Passiv guide to investing

Passiv is a tool I was introduced to via my online broker of choice, Questrade1. As I mentioned elsewhere, Passiv’s main mission is offer an alternative to all-in-one ETF funds by automating trades to make sure your individual holdings support your overall target.

Anyway, Passiv is a nice add-on for me because it’s a way better way for me to see accounts for which my spouse has given me trading authority (it’s a real weakness of the Questrade platform). On one screen, I can see all the accounts in the retirement portfolio.

Anyway, since I use Passiv, I get the occasional email from them. Recently, they posted a blog called The Beginner’s Guide to Passive Investing which I think is a pretty good summary of my own approach to investing; it’s a pretty good article to share with a new investor, too. There’s lots we agree on:

  • Saving is different from investing (my view here)
  • Passive investing is the way to go (I own no individual stocks in my retirement portfolio)
  • You don’t need an advisor. We disagree on why. For me, it’s because there’s all-in-one ETFs. For Passiv, it’s because there’s Passiv 😉
  • Invest consistently, and without thinking. Pay yourself first.

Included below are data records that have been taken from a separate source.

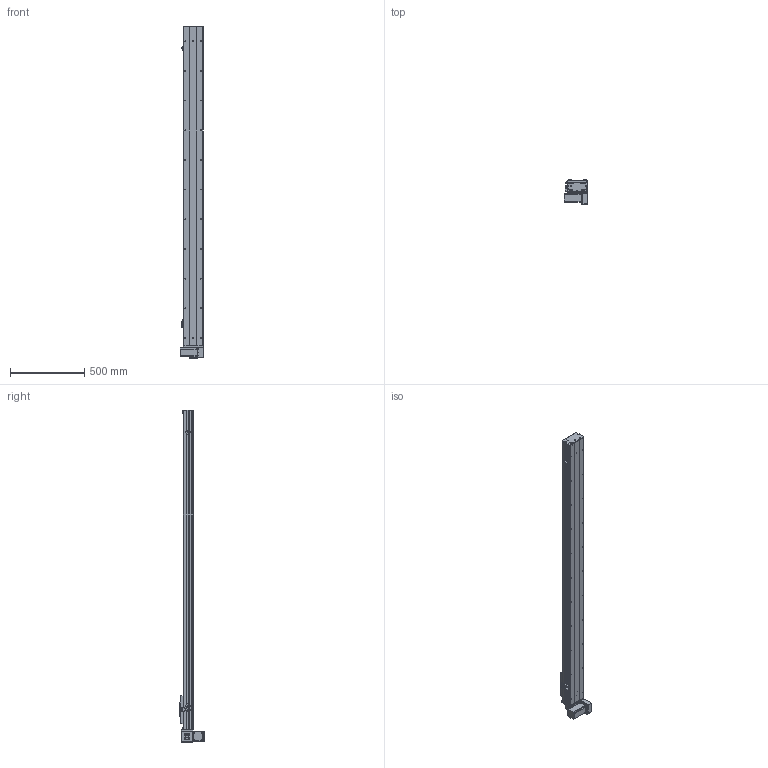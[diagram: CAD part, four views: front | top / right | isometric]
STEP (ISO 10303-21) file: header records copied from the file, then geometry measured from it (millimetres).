
FILE_DESCRIPTION (( 'STEP AP203' ), '1' );
FILE_NAME ('Y135CB-D90-S1850-BM-P400W.STEP', '2020-02-19T01:37:13', ( '微软用户' ), ( '微软中国' ), 'SwSTEP 2.0', 'SolidWorks 2017', '' );
FILE_SCHEMA (( 'CONFIG_CONTROL_DESIGN' ));
Length unit declared in the file: millimetre
Products named in the file (18): Y100-135俋离換覜ん--; 35CB---喘謫眊楊擘啣; Y10B-耜蚾蟀諉啣----; 0B-埴倛裔啣; Y135CB-D90-S1850-BM-P400W; 0B-源倛裔啣; 0B-萇儂楊擘啣; Y135C-陔俋离換覜結え-; san松下电机400不带刹车----; 5C--俋欶; 5CB --掛极耜裔啣-; C-雄赽釱--; C-詩湍揤踡え-陔; Y135CB-耜裔; Y10B--々湍喘謫眊--666; 135CB--詩湍-CE; 135CB---遴掛极.-; 00B-俋欶BM--
Assembly tree (21 placements, depth 2):
  Y135CB-D90-S1850-BM-P400W
    Y135CB-耜裔
    135CB---遴掛极.-
    35CB---喘謫眊楊擘啣
    0B-埴倛裔啣
    0B-源倛裔啣
    0B-萇儂楊擘啣
    san松下电机400不带刹车----
    5CB --掛极耜裔啣-  x2
    C-詩湍揤踡え-陔  x2
    135CB--詩湍-CE
    Y100-135俋离換覜ん--  x3
    Y135C-陔俋离換覜結え-
    5C--俋欶
    C-雄赽釱--
    Y10B--々湍喘謫眊--666
    00B-俋欶BM--
    Y10B-耜蚾蟀諉啣----
Bounding box: 157 x 163.3 x 2238 mm (x, y, z)
Volume: 6593884.2 mm3; surface area: 2602338 mm2
Topology: 21 solids, 21 shells, 961 faces, 2599 edges, 1722 vertices
Faces by surface type: cylinder 489, plane 456, cone 16
Entity records: 30157 total; most frequent: DIRECTION 5011, CARTESIAN_POINT 4988, ORIENTED_EDGE 4674, EDGE_CURVE 2337, AXIS2_PLACEMENT_3D 1833, VERTEX_POINT 1550, LINE 1345, VECTOR 1345

They end the blog with a section called How Do I Start Investing?, which has a lot in common with an article I wrote called Ok, I’m ready to fire my advisor. What do I need to do? Let’s take a look at what I agree with and what I disagree with in that part of the article.

Open a Brokerage Account

Passiv seems to think there’s only two brokers out there, namely Wealthsimple and Questrade2. Given that the Passiv platform supports direct connections to these two brokers, this is somewhat understandable. But make no mistake, there’s plenty of other options out there. And what’s right for your neighbour may not be right for you. What broker to use will depend on a bunch of factors, and I talked about some of them here.

Set up Your Accounts

Yup, that’s something you need to do. I broke it down in some detail over here, since I switched brokers earlier this year. Since the target audience is new investors, non-registered accounts don’t get a mention here, but for many long-term investors, a non-registered account ends up being part of the mix. And RRIFs, of course.

Choose Your Investments

Passiv doesn’t have any use for all-in-ones (aka asset allocation ETFs) since that’s kinda core to what they offer. So while their recommendations are sound if you want to buy into the five funds they recommend3, it’s more complicated than it needs to be. For me, it’s a two-step process

Set up Passiv

It’s of course a bit self-serving, but a tool like Passiv is quite useful to track your allocations if you choose not to use an all-in-one. Or you can use a spreadsheet like I do.

Fund Your Account

If you’re transferring from some other financial services provider expect a lot of form filling. I documented some of the issues with transfers in a general sense here and specific to the RRIF holder here.

Buy Your Investments

No argument here; if you don’t actually invest, your money is just sitting idle. If you buy an all-in-one ETF, that’s one trade per account.

Automate and Chill

Yes, Passiv can in fact do trades on your behalf. (That’s an upcharge, though). A Passiv-run portfolio is possible4. All-in-one ETFs are also automated, since part of what they do is periodically rebalance their holdings automatically. In retirement, automation seems difficult. There’s a lot of steps to get paid.

In conclusion

Passiv’s blog is an excellent primer on how to get started; feel free to share it with your kids, colleagues and relatives. Just be aware that it promotes the Passiv approach which, if followed to its logical conclusion, requires a subscription to Passiv Elite — worth it, if that’s the direction you prefer.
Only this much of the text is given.